▶ _DIRECTIONS_
Write out the records below from the first line through the line containing "which some entities", leaving out any pictures.

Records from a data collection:
════════

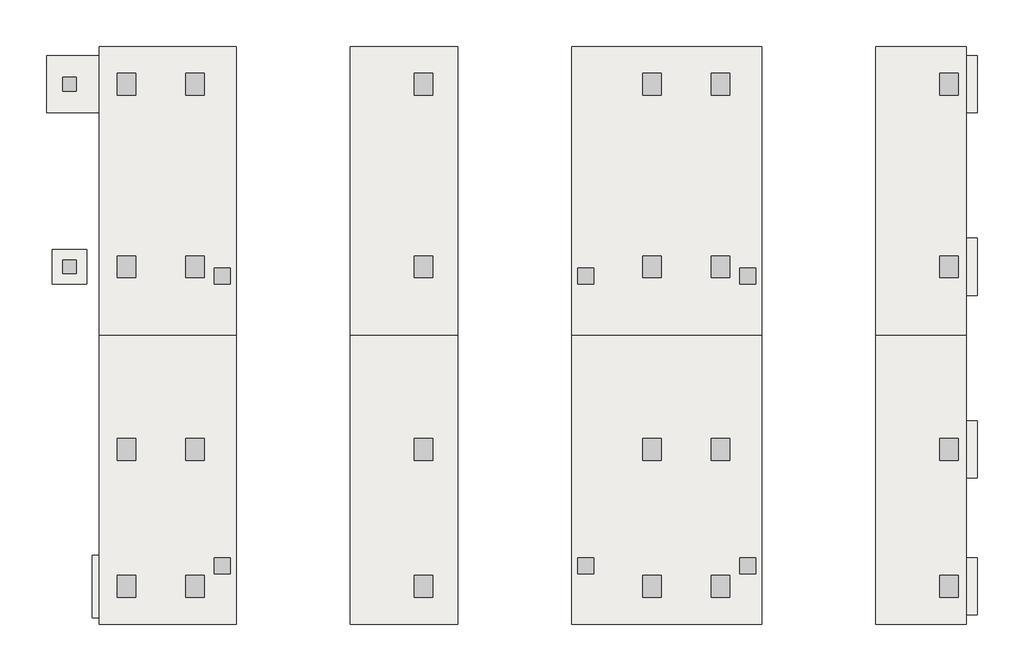
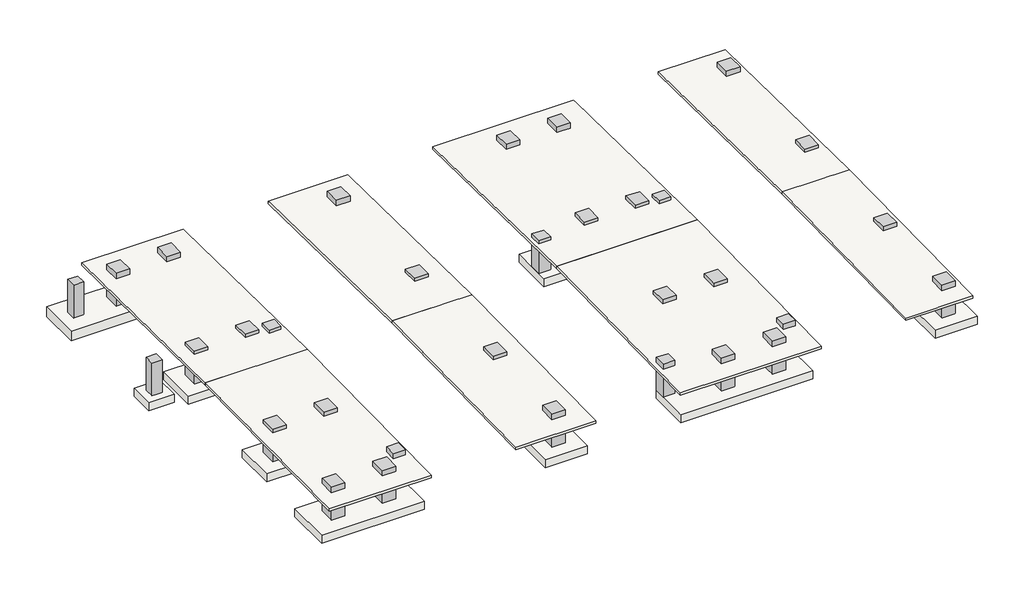
# Not in any storey: 32 columns, 25 slabs.
"""IFC4 building model written with IfcOpenShell, lengths in millimetres."""

import ifcopenshell
import ifcopenshell.guid

model = None  # the IFC model being written
_history = None  # IfcOwnerHistory: only IFC2X3 demands one
_inside = {}  # id of a spatial element -> (the spatial element, [elements in it])
_under = {}  # id of a project, library or spatial element -> (it, [spatial elements below it])
_declared = {}  # id of a project -> (the project, [libraries it declares])
_typed = {}  # id of a type object -> (the type object, [elements of that type])
_made_of = {}  # id of a material, layer set ... -> (it, [elements and type objects made of it])


def new_model(schema):
    """Start an empty IFC model of exactly this schema.

    Asked for "IFC4X3", IfcOpenShell would pick the latest addendum, in which some entities
    have other attributes; the version numbers below select the first issue.
    IFC2X3 requires an IfcOwnerHistory on every rooted entity: one is made here for all.
    """
    global model, _history
    if schema == "IFC4X3":
        model = ifcopenshell.file(schema_version=(4, 3, 0, 0))
    else:
        model = ifcopenshell.file(schema=schema)
    _inside.clear()
    _under.clear()
    _declared.clear()
    _typed.clear()
    _made_of.clear()
    _history = None
    if model.schema == "IFC2X3":
        org = make("IfcOrganization", Name="unknown")
        user = make(
            "IfcPersonAndOrganization",
            ThePerson=make("IfcPerson", FamilyName="unknown"),
            TheOrganization=org,
        )
        app = make(
            "IfcApplication",
            ApplicationDeveloper=org,
            Version="unknown",
            ApplicationFullName="unknown",
            ApplicationIdentifier="unknown",
        )
        _history = make(
            "IfcOwnerHistory",
            OwningUser=user,
            OwningApplication=app,
            ChangeAction="ADDED",
            CreationDate=0,
        )
    return model


def make(cls, **values):
    """One entity of the class cls with the attributes given. An attribute that is None is left unset."""
    return model.create_entity(
        cls, **{name: value for name, value in values.items() if value is not None}
    )


def rooted(cls, **values):
    """An entity with a GlobalId (a new one), such as an element, a storey or a relation."""
    return make(cls, GlobalId=ifcopenshell.guid.new(), OwnerHistory=_history, **values)


def si_unit(unit_type, name, prefix=None):
    """IfcSIUnit, for example si_unit("LENGTHUNIT", "METRE", prefix="MILLI")."""
    return make("IfcSIUnit", UnitType=unit_type, Prefix=prefix, Name=name)


def assignment(units):
    """IfcUnitAssignment: the units of a project."""
    return None if units is None else make("IfcUnitAssignment", Units=units)


def point(xyz):
    """IfcCartesianPoint."""
    return None if xyz is None else make("IfcCartesianPoint", Coordinates=xyz)


def direction(xyz):
    """IfcDirection."""
    return None if xyz is None else make("IfcDirection", DirectionRatios=xyz)


def frame(location, z_axis=None, x_axis=None):
    """IfcAxis2Placement3D, a coordinate frame: its origin and axes. An axis left out is left unset."""
    return make(
        "IfcAxis2Placement3D",
        Location=point(location),
        Axis=direction(z_axis),
        RefDirection=direction(x_axis),
    )


def origin():
    """The frame at (0, 0, 0) with its axes left unset."""
    return frame((0.0, 0.0, 0.0))


def place(relative_to, where):
    """IfcLocalPlacement: puts the frame where relative to a parent placement (None: the world)."""
    return make(
        "IfcLocalPlacement", PlacementRelTo=relative_to, RelativePlacement=where
    )


def context(
    kind, dimensions, precision=None, world=None, true_north=None, identifier=None
):
    """IfcGeometricRepresentationContext, for example the 3D "Model" context."""
    return make(
        "IfcGeometricRepresentationContext",
        ContextIdentifier=identifier,
        ContextType=kind,
        CoordinateSpaceDimension=dimensions,
        Precision=precision,
        WorldCoordinateSystem=world,
        TrueNorth=true_north,
    )


def project(units=None, contexts=None):
    """IfcProject with its units and contexts."""
    return rooted(
        "IfcProject",
        Name="project",
        RepresentationContexts=contexts,
        UnitsInContext=assignment(units),
    )


def spatial(cls, under=None, at=None, **own):
    """A site, building, storey or space (cls), placed at a placement, below another one or the project."""
    s = rooted(cls, ObjectPlacement=at, **own)
    if under is not None:
        _under.setdefault(under.id(), (under, []))[1].append(s)
    return s


def polyline(points):
    """IfcPolyline through the points."""
    return make("IfcPolyline", Points=[point(p) for p in points])


def outline(outer, holes=None, kind="AREA"):
    """IfcArbitraryClosedProfileDef: a profile drawn as a closed curve; with holes, ...WithVoids."""
    if holes is None:
        return make("IfcArbitraryClosedProfileDef", ProfileType=kind, OuterCurve=outer)
    return make(
        "IfcArbitraryProfileDefWithVoids",
        ProfileType=kind,
        OuterCurve=outer,
        InnerCurves=holes,
    )


def extrude(swept, where, along, depth):
    """IfcExtrudedAreaSolid: the profile swept, set in the frame where, extruded along a direction by depth."""
    return make(
        "IfcExtrudedAreaSolid",
        SweptArea=swept,
        Position=where,
        ExtrudedDirection=direction(along),
        Depth=depth,
    )


def faces_of(points, faces, orient=None, outer=None):
    """IfcFace entities. A face is a list of loops; a loop is a list of indices into points, from 0.

    orient and outer hold one flag for each loop. By default every Orientation is true, the
    first loop of a face is its IfcFaceOuterBound and the others are IfcFaceBound.
    """
    made = []
    for i, loops in enumerate(faces):
        bounds = []
        for j, loop in enumerate(loops):
            is_outer = j == 0 if outer is None else outer[i][j]
            bounds.append(
                make(
                    "IfcFaceOuterBound" if is_outer else "IfcFaceBound",
                    Bound=make("IfcPolyLoop", Polygon=[points[k] for k in loop]),
                    Orientation=True if orient is None else orient[i][j],
                )
            )
        made.append(make("IfcFace", Bounds=bounds))
    return made


def faceted_brep(points, faces, orient=None, outer=None, voids=None):
    """IfcFacetedBrep: a solid bounded by flat faces; with voids (closed shells), ...WithVoids."""
    shared = [point(p) for p in points]
    hull = make("IfcClosedShell", CfsFaces=faces_of(shared, faces, orient, outer))
    if voids is None:
        return make("IfcFacetedBrep", Outer=hull)
    return make(
        "IfcFacetedBrepWithVoids",
        Outer=hull,
        Voids=[
            make(cls, CfsFaces=faces_of(shared, fs, o, b)) for cls, fs, o, b in voids
        ],
    )


def shape(context_of_items, identifier, shape_type, items):
    """IfcShapeRepresentation: the items that make up one representation, for example the "Body"."""
    return make(
        "IfcShapeRepresentation",
        ContextOfItems=context_of_items,
        RepresentationIdentifier=identifier,
        RepresentationType=shape_type,
        Items=items,
    )


def source(mapping_origin, context_of_items, identifier, shape_type, items):
    """IfcRepresentationMap: a shape defined once, which mapped items show again and again."""
    return make(
        "IfcRepresentationMap",
        MappingOrigin=mapping_origin,
        MappedRepresentation=shape(context_of_items, identifier, shape_type, items),
    )


def transform(
    local_origin,
    x_axis=None,
    y_axis=None,
    z_axis=None,
    scale=None,
    scale2=None,
    scale3=None,
    uniform=True,
):
    """IfcCartesianTransformationOperator3D, or its non-uniform kind. x_axis, y_axis, z_axis: its Axis1, 2, 3."""
    if uniform:
        return make(
            "IfcCartesianTransformationOperator3D",
            Axis1=direction(x_axis),
            Axis2=direction(y_axis),
            LocalOrigin=point(local_origin),
            Scale=scale,
            Axis3=direction(z_axis),
        )
    return make(
        "IfcCartesianTransformationOperator3DnonUniform",
        Axis1=direction(x_axis),
        Axis2=direction(y_axis),
        LocalOrigin=point(local_origin),
        Scale=scale,
        Axis3=direction(z_axis),
        Scale2=scale2,
        Scale3=scale3,
    )


def mapped(mapping_source, mapping_target):
    """IfcMappedItem: shows the shape of a source again, moved by a transform."""
    return make(
        "IfcMappedItem", MappingSource=mapping_source, MappingTarget=mapping_target
    )


def made_of(thing, what):
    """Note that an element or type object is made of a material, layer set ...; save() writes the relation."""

════════

▶ _OUTPUT FOR THIS TASK_
# Not in any storey: 32 columns, 25 slabs.
"""IFC4 building model written with IfcOpenShell, lengths in millimetres."""

import ifcopenshell
import ifcopenshell.guid

model = None  # the IFC model being written
_history = None  # IfcOwnerHistory: only IFC2X3 demands one
_inside = {}  # id of a spatial element -> (the spatial element, [elements in it])
_under = {}  # id of a project, library or spatial element -> (it, [spatial elements below it])
_declared = {}  # id of a project -> (the project, [libraries it declares])
_typed = {}  # id of a type object -> (the type object, [elements of that type])
_made_of = {}  # id of a material, layer set ... -> (it, [elements and type objects made of it])


def new_model(schema):
    """Start an empty IFC model of exactly this schema.

    Asked for "IFC4X3", IfcOpenShell would pick the latest addendum, in which some entities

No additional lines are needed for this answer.